Task prompt
Find every line in the listing below that includes the word "Pulley", then give only how many there are.

Records for processing
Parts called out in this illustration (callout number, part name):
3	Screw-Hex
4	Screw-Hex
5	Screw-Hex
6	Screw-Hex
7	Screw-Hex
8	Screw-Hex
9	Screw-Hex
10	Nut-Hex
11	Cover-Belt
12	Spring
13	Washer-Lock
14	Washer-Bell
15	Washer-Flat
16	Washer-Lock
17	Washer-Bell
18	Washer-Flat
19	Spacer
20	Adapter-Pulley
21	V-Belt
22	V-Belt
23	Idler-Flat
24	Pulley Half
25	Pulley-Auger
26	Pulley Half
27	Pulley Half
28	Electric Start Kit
==
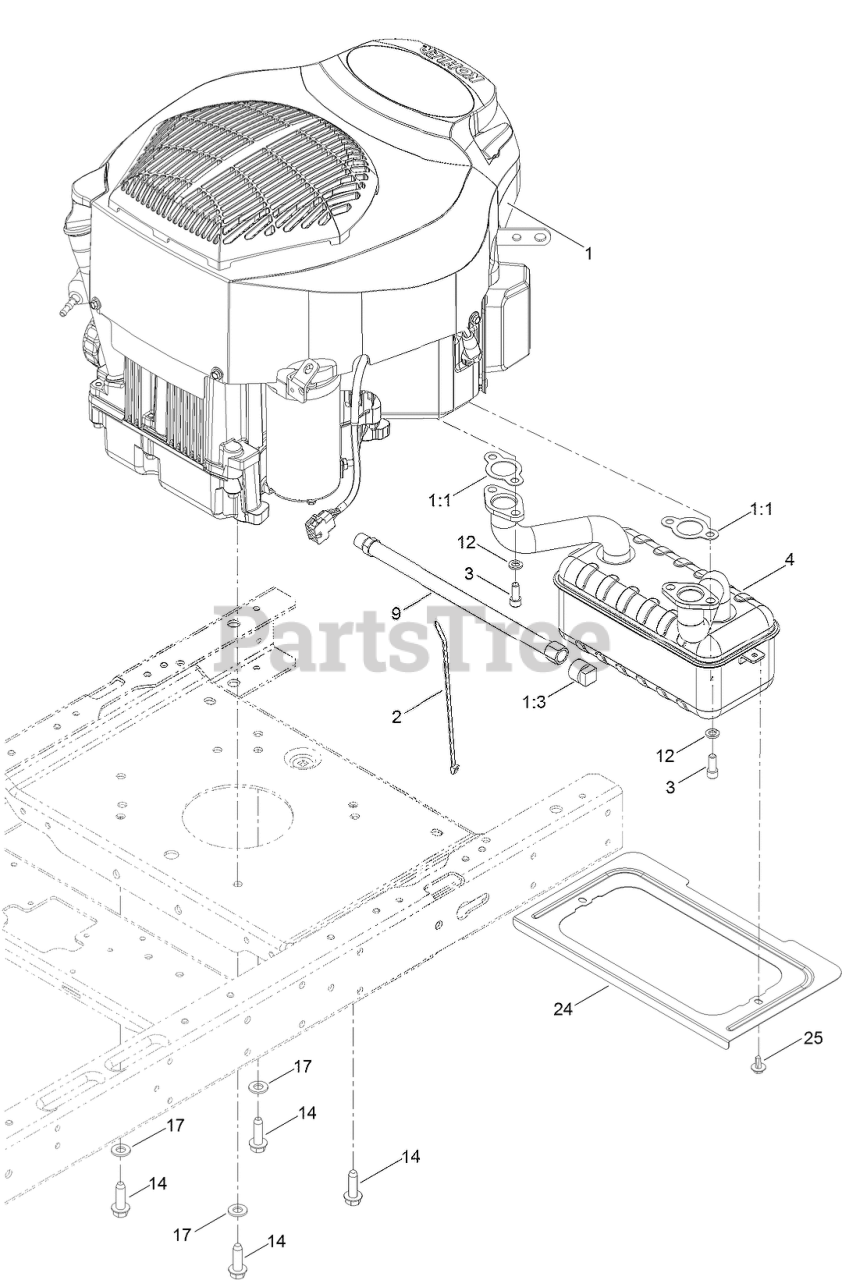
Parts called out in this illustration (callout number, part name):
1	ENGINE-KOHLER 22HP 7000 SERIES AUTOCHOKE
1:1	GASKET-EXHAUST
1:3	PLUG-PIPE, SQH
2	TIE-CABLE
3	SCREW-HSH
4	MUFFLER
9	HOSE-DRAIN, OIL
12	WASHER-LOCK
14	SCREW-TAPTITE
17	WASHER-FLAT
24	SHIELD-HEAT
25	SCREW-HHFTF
---
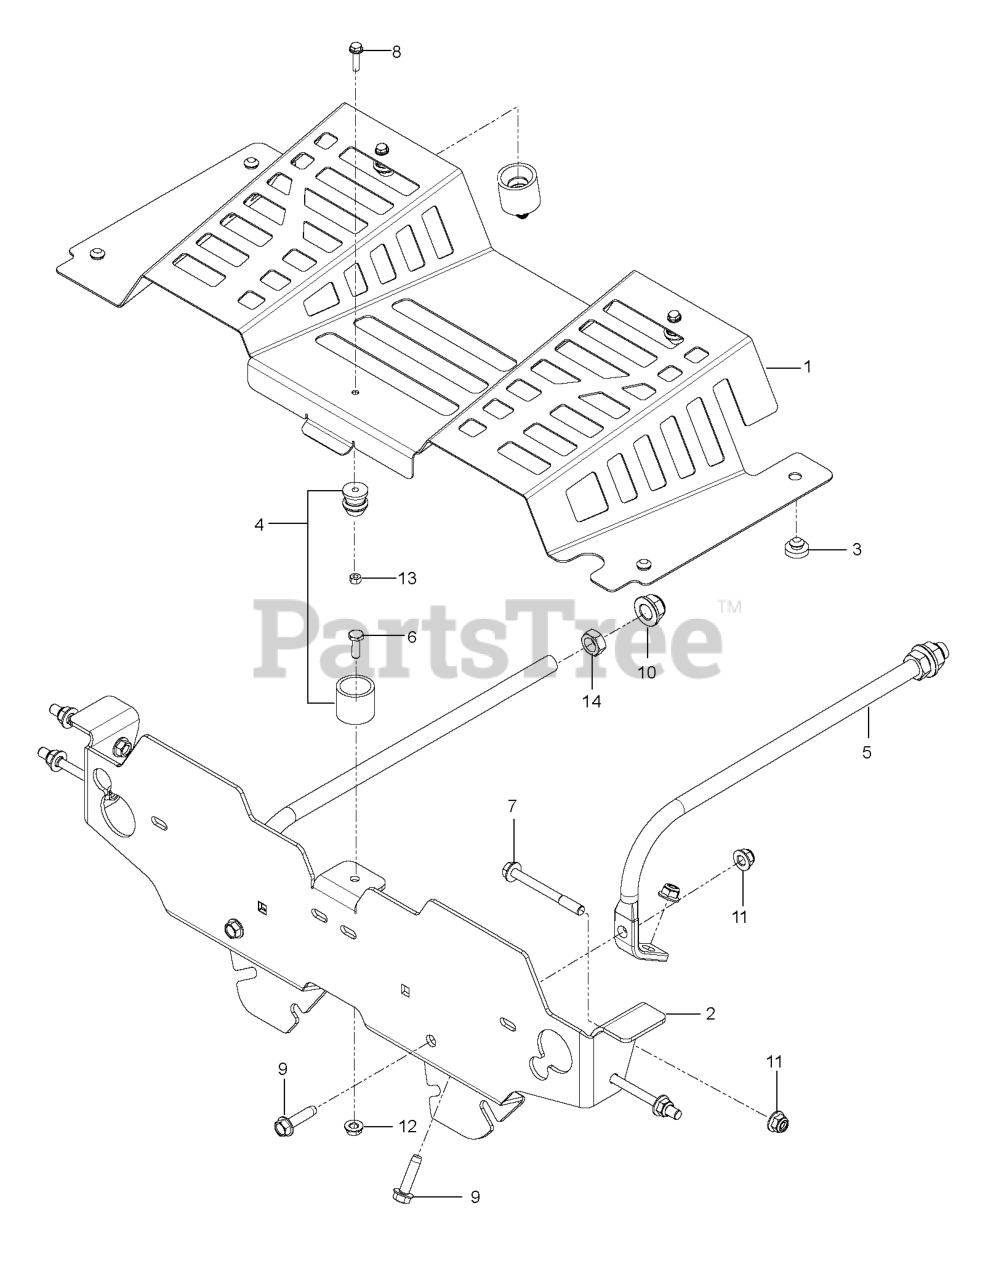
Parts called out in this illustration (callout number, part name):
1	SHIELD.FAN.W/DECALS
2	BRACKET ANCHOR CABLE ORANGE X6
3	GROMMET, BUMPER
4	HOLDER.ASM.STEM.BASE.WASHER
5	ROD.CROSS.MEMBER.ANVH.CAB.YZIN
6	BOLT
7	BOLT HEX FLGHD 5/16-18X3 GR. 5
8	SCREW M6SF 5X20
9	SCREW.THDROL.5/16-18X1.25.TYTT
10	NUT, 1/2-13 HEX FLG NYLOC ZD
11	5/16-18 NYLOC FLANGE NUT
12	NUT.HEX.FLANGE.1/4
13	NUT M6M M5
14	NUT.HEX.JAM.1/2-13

Written response
5